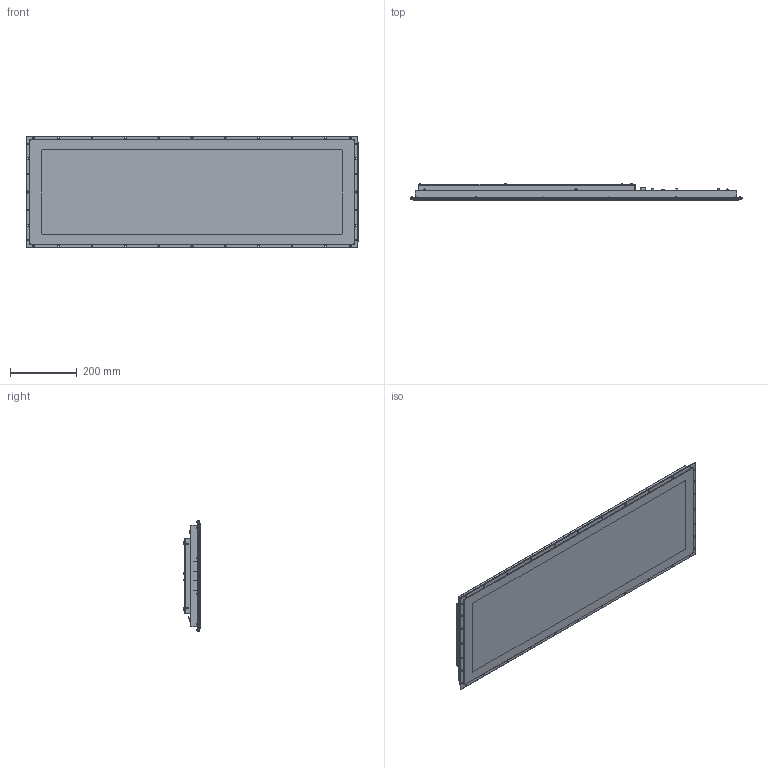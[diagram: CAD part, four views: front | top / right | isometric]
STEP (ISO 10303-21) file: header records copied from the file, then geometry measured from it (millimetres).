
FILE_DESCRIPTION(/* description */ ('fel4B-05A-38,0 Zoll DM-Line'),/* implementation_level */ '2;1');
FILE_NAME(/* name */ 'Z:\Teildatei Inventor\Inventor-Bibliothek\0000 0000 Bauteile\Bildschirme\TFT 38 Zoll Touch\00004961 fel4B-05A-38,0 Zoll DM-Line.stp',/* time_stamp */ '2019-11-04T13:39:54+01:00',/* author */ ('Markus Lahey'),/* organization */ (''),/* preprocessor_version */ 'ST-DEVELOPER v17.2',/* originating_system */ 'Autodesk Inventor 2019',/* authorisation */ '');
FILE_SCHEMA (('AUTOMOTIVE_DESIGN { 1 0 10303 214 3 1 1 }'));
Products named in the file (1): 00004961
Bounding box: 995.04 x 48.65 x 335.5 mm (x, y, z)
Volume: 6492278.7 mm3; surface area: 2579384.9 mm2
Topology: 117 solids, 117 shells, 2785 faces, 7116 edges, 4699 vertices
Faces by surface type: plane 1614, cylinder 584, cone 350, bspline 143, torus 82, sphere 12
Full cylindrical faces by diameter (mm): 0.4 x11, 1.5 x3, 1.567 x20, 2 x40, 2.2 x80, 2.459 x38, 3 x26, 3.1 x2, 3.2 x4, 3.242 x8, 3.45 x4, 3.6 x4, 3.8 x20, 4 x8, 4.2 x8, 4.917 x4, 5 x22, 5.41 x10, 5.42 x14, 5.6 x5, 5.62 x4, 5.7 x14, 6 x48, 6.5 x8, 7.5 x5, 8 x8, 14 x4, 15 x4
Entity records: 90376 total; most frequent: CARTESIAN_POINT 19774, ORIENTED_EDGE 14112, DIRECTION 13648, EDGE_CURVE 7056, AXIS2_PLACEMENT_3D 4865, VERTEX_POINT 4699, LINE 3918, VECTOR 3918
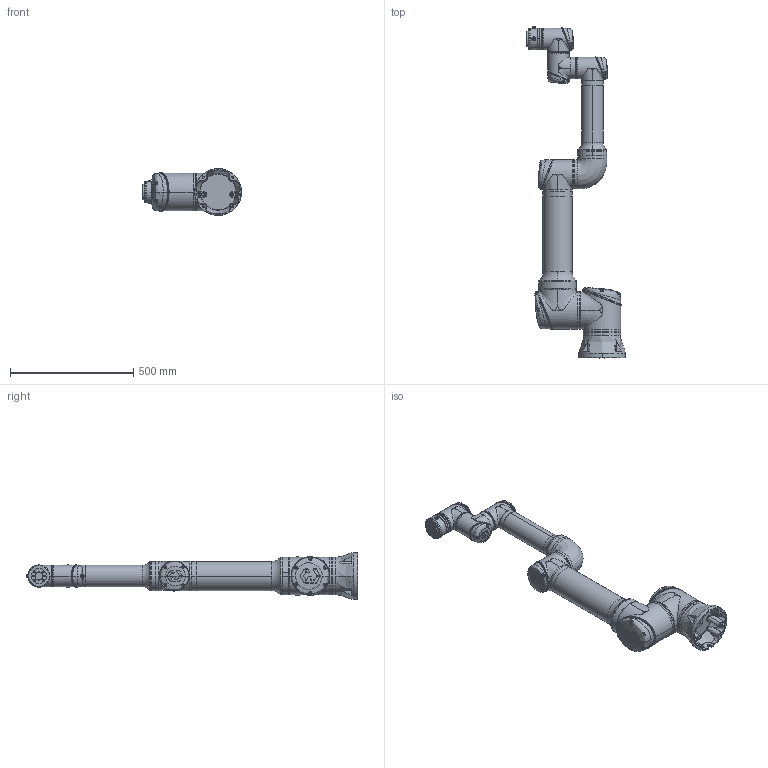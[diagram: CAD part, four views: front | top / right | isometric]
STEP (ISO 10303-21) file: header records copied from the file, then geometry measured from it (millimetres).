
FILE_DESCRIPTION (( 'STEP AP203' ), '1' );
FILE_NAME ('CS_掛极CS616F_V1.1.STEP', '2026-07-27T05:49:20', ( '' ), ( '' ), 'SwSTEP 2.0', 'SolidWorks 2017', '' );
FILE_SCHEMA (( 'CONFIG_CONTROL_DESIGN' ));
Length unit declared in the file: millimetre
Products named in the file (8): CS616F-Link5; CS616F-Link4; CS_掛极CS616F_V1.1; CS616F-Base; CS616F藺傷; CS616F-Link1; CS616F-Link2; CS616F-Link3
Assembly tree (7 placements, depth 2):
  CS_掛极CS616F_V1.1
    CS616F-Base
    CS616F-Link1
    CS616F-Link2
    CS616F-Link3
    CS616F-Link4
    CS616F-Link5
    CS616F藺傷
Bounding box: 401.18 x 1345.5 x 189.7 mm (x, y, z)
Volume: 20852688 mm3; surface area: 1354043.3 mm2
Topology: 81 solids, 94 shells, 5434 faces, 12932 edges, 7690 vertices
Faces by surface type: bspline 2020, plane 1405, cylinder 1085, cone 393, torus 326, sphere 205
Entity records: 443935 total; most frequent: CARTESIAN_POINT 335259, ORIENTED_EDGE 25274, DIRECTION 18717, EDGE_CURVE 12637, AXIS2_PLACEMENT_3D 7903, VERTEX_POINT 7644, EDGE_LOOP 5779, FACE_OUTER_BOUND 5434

ASSIGNMENT:
Here, the lines to copy run from the one containing "FILE_NAME ('CS_掛极CS616F_V1.1.STEP', '2026-07-27T05:49:20', ( ''" to the final line of the listing; copy them exactly and nothing else.

TASK OUTPUT:
FILE_NAME ('CS_掛极CS616F_V1.1.STEP', '2026-07-27T05:49:20', ( '' ), ( '' ), 'SwSTEP 2.0', 'SolidWorks 2017', '' );
FILE_SCHEMA (( 'CONFIG_CONTROL_DESIGN' ));
Length unit declared in the file: millimetre
Products named in the file (8): CS616F-Link5; CS616F-Link4; CS_掛极CS616F_V1.1; CS616F-Base; CS616F藺傷; CS616F-Link1; CS616F-Link2; CS616F-Link3
Assembly tree (7 placements, depth 2):
  CS_掛极CS616F_V1.1
    CS616F-Base
    CS616F-Link1
    CS616F-Link2
    CS616F-Link3
    CS616F-Link4
    CS616F-Link5
    CS616F藺傷
Bounding box: 401.18 x 1345.5 x 189.7 mm (x, y, z)
Volume: 20852688 mm3; surface area: 1354043.3 mm2
Topology: 81 solids, 94 shells, 5434 faces, 12932 edges, 7690 vertices
Faces by surface type: bspline 2020, plane 1405, cylinder 1085, cone 393, torus 326, sphere 205
Entity records: 443935 total; most frequent: CARTESIAN_POINT 335259, ORIENTED_EDGE 25274, DIRECTION 18717, EDGE_CURVE 12637, AXIS2_PLACEMENT_3D 7903, VERTEX_POINT 7644, EDGE_LOOP 5779, FACE_OUTER_BOUND 5434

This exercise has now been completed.